> **EXERCISE DETAILS**
Among the records below, find each line bearing the word "from" and copy it.

> **MATERIAL SHOWN**
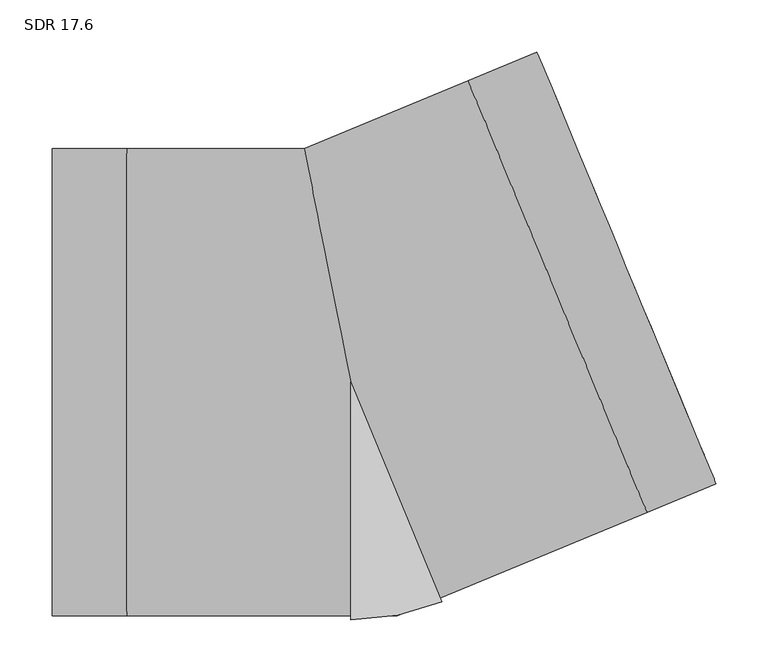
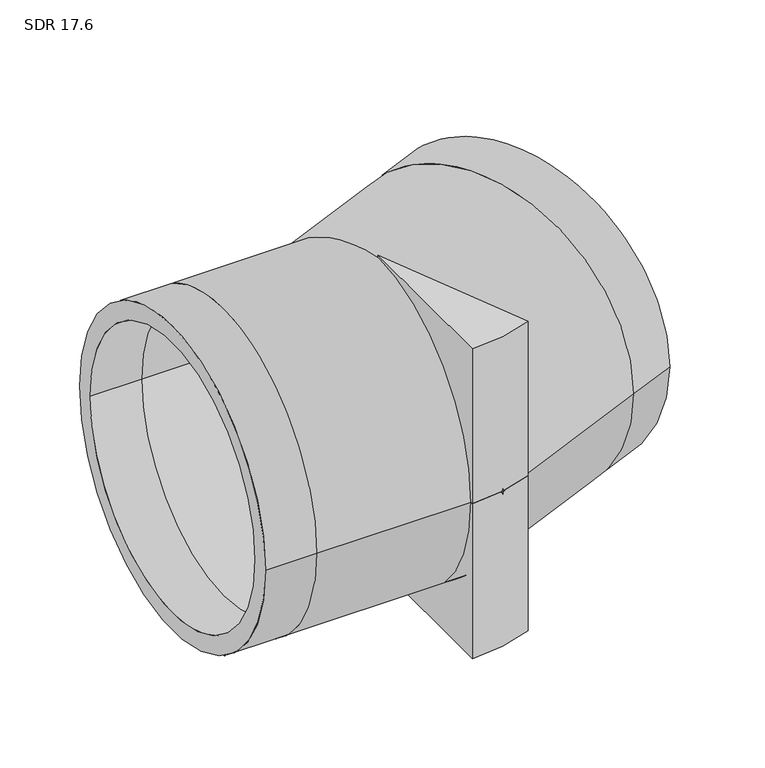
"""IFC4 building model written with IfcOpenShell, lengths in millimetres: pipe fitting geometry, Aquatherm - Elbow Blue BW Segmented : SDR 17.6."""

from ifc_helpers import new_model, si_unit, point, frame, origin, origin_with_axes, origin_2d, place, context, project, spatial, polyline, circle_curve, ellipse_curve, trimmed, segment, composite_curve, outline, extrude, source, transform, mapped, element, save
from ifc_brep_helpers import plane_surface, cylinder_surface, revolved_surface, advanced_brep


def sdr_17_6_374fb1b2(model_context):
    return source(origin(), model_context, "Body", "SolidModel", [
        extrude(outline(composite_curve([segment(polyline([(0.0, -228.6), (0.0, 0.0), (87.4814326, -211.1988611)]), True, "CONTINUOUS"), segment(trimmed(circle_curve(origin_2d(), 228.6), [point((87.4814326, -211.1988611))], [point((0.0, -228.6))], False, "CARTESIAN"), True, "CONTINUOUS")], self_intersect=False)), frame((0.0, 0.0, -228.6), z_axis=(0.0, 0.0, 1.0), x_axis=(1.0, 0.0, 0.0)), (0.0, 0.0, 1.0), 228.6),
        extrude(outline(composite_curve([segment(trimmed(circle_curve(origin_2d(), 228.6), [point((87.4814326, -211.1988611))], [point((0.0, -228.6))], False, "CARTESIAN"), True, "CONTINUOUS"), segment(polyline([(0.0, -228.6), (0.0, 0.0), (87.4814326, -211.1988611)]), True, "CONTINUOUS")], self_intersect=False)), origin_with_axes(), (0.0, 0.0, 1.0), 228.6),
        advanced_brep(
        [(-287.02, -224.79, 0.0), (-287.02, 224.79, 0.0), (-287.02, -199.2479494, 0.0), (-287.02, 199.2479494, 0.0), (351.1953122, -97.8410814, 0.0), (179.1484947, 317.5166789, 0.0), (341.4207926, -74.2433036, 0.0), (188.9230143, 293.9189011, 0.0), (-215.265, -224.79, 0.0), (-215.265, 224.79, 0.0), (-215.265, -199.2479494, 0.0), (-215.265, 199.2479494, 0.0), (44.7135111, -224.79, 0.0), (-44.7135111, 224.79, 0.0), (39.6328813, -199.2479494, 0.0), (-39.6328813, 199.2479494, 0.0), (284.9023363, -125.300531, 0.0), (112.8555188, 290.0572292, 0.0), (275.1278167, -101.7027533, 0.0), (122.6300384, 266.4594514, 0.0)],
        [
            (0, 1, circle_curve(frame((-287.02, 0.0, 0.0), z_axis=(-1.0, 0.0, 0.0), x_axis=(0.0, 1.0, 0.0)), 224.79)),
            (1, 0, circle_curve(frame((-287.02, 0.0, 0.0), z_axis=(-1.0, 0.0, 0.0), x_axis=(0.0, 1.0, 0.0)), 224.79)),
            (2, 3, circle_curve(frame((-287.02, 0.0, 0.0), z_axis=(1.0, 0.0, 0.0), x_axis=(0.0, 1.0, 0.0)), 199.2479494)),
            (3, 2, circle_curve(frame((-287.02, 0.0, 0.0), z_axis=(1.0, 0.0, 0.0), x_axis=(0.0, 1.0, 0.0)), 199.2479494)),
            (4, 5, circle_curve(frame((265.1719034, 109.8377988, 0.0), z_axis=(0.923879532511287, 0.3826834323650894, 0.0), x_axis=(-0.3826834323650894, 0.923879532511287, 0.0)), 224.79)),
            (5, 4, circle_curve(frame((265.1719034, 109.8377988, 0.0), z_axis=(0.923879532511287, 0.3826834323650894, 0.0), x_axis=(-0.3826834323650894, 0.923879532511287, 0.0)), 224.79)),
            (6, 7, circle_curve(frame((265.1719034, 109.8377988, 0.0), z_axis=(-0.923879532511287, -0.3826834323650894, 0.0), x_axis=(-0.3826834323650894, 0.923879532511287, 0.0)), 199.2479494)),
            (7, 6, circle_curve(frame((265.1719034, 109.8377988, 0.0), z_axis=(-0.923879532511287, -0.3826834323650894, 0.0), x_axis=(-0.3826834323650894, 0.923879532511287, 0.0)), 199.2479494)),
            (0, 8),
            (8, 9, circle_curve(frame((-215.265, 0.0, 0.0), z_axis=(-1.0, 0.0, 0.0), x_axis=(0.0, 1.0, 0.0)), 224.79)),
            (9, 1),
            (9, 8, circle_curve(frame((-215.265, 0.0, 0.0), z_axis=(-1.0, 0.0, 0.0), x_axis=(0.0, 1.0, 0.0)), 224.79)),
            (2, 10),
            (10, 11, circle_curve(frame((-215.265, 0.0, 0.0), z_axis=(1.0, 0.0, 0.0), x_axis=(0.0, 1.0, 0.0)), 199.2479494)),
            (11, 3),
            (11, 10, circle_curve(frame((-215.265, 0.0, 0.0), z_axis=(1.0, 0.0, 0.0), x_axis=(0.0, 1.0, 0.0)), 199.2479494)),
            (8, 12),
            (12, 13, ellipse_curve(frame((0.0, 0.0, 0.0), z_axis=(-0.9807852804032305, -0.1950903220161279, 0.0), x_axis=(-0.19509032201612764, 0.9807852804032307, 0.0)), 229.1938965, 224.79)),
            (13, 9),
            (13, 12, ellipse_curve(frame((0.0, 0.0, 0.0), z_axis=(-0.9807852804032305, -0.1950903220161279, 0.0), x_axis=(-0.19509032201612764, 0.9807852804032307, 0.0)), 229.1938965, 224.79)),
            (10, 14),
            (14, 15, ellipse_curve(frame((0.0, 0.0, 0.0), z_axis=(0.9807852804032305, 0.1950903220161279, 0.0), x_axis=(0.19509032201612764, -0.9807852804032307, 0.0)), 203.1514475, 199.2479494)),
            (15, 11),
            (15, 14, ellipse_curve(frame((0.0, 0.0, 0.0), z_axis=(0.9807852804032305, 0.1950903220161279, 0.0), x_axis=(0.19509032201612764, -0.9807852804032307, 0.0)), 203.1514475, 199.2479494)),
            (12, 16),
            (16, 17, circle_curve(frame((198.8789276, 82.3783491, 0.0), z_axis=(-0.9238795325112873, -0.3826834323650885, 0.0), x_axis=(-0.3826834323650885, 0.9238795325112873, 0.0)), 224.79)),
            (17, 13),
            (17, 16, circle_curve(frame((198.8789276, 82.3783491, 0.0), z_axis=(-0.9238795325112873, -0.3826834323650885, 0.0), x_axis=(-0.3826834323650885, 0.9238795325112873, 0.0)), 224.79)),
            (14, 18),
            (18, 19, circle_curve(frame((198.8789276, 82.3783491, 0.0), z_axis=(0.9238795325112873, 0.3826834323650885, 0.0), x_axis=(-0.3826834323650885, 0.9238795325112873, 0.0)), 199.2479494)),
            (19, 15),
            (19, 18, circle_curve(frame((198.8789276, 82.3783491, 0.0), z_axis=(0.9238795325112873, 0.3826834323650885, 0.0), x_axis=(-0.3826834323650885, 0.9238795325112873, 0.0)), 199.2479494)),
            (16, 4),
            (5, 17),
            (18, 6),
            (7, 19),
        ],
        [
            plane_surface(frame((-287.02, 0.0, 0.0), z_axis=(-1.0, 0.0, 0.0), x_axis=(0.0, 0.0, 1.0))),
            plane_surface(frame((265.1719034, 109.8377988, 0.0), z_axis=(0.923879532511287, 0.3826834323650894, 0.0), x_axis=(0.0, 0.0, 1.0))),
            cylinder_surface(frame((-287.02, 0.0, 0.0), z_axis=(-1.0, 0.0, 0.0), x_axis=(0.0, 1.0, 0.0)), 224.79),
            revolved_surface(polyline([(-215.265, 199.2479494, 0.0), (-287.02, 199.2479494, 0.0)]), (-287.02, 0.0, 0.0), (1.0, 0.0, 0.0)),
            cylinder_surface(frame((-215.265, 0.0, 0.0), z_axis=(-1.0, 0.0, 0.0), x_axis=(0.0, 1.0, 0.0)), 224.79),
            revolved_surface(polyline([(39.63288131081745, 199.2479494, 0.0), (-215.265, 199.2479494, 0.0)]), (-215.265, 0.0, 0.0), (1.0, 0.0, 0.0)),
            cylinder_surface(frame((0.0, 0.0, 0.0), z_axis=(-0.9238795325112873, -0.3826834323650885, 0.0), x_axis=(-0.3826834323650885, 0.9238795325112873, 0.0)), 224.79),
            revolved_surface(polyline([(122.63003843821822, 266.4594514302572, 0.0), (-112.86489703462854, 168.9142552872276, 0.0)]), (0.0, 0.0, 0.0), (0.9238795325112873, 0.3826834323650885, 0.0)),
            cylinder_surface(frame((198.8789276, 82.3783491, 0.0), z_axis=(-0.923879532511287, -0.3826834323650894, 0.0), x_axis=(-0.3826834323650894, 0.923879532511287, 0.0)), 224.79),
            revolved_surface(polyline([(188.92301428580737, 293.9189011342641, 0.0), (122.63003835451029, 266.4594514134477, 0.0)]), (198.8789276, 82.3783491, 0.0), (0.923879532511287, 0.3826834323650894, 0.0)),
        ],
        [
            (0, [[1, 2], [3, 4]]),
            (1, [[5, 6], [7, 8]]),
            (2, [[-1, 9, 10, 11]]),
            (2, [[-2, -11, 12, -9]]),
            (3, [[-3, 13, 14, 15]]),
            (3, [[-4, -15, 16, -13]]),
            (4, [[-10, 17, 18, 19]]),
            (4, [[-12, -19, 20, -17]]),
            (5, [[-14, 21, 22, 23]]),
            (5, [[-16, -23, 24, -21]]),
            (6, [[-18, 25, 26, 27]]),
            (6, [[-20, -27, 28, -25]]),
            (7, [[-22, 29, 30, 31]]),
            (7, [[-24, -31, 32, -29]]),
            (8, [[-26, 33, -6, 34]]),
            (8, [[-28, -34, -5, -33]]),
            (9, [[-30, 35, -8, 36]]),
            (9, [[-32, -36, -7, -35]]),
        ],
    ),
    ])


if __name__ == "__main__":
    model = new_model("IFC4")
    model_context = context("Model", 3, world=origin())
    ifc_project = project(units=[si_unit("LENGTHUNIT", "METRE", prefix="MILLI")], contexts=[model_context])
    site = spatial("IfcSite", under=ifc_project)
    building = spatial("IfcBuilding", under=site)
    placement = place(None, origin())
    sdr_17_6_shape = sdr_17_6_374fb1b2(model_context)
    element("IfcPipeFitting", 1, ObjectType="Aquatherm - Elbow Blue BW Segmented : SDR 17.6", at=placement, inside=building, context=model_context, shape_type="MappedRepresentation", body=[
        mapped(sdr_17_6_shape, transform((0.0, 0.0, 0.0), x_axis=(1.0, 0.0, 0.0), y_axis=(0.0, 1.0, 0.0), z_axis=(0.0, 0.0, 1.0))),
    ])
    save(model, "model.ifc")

> **THE ANSWER**
from ifc_helpers import new_model, si_unit, point, frame, origin, origin_with_axes, origin_2d, place, context, project, spatial, polyline, circle_curve, ellipse_curve, trimmed, segment, composite_curve, outline, extrude, source, transform, mapped, element, save
from ifc_brep_helpers import plane_surface, cylinder_surface, revolved_surface, advanced_brep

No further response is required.